-- Your assignment --
The response should contain only those lines of the entries below that include the string "Inventor".

»»

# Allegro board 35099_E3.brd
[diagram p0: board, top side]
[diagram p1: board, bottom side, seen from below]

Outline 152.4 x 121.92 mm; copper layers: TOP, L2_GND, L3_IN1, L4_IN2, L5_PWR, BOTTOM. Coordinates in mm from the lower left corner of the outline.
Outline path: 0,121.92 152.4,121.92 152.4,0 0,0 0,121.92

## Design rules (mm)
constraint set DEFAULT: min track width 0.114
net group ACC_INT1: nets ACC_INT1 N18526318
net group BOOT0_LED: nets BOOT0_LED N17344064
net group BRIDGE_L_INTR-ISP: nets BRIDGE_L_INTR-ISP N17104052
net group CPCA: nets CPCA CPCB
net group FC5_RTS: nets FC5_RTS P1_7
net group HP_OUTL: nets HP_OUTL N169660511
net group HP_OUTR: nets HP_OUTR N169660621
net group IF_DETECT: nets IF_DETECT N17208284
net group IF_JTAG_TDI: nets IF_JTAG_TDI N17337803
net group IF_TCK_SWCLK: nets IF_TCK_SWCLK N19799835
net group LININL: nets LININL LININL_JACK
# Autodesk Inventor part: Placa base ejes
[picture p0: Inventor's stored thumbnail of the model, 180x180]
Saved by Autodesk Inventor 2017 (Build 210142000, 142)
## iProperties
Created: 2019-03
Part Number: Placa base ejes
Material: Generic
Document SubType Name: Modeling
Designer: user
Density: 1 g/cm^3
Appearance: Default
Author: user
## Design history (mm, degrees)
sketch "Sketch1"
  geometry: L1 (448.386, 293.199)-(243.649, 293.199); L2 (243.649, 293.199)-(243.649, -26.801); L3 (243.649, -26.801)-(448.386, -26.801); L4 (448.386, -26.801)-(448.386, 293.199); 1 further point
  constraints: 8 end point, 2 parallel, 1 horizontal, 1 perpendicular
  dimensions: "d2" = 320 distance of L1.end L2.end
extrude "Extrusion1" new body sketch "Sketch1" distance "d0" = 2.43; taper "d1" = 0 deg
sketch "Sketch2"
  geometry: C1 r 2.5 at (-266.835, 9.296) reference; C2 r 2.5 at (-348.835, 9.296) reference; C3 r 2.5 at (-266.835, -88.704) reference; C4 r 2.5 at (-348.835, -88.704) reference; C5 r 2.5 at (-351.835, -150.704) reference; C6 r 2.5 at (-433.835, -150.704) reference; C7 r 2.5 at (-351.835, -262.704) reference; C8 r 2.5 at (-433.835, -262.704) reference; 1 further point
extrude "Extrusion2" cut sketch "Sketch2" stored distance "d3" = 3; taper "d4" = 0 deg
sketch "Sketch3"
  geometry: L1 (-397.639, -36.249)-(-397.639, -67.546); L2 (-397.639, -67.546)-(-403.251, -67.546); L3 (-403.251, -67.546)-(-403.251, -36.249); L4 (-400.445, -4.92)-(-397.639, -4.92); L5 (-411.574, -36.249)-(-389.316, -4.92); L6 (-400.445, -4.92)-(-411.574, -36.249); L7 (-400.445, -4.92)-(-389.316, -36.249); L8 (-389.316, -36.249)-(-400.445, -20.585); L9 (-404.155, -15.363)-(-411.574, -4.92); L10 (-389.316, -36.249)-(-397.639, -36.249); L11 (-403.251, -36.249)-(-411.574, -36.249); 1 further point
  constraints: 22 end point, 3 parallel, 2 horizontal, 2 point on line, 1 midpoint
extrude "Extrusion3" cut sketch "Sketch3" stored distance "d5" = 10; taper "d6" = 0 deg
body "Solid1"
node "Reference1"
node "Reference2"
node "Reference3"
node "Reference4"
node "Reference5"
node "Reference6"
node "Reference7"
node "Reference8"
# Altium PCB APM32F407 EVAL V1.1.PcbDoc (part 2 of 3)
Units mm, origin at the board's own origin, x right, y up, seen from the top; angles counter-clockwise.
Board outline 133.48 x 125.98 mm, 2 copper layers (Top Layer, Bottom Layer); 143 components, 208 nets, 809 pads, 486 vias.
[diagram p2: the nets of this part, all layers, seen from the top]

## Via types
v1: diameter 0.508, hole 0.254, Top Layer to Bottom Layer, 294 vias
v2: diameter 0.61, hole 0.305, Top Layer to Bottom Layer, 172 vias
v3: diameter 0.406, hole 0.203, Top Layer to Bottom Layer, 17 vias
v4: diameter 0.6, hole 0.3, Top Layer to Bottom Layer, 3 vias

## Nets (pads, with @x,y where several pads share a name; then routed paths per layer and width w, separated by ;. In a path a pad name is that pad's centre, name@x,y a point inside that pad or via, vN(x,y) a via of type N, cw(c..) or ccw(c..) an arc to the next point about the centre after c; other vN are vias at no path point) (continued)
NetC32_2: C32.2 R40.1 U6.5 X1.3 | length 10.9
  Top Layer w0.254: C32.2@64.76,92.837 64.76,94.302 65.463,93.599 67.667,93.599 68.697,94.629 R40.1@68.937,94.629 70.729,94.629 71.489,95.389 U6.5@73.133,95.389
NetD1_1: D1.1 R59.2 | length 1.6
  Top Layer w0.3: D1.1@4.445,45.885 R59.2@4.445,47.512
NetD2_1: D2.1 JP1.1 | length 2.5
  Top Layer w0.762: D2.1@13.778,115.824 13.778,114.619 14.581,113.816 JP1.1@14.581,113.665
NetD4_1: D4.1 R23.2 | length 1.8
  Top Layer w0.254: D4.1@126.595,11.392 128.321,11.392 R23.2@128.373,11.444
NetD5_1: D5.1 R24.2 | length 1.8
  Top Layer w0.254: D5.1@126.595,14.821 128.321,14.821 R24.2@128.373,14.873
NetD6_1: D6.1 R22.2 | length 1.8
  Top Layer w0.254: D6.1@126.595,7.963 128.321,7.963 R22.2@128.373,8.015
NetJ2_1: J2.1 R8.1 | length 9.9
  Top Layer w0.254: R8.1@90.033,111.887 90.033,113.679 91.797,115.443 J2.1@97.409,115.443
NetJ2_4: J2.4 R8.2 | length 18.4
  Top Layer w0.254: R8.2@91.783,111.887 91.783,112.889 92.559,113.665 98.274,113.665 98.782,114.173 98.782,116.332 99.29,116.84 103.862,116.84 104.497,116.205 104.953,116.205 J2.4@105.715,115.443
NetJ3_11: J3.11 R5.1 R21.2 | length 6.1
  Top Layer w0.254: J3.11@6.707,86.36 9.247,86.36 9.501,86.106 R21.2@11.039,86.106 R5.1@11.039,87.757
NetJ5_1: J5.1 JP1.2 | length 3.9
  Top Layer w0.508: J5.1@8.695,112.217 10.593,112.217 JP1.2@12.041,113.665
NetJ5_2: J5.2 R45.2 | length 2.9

««

-- Solved problem --
# Autodesk Inventor part: Placa base ejes
[picture p0: Inventor's stored thumbnail of the model, 180x180]
Saved by Autodesk Inventor 2017 (Build 210142000, 142)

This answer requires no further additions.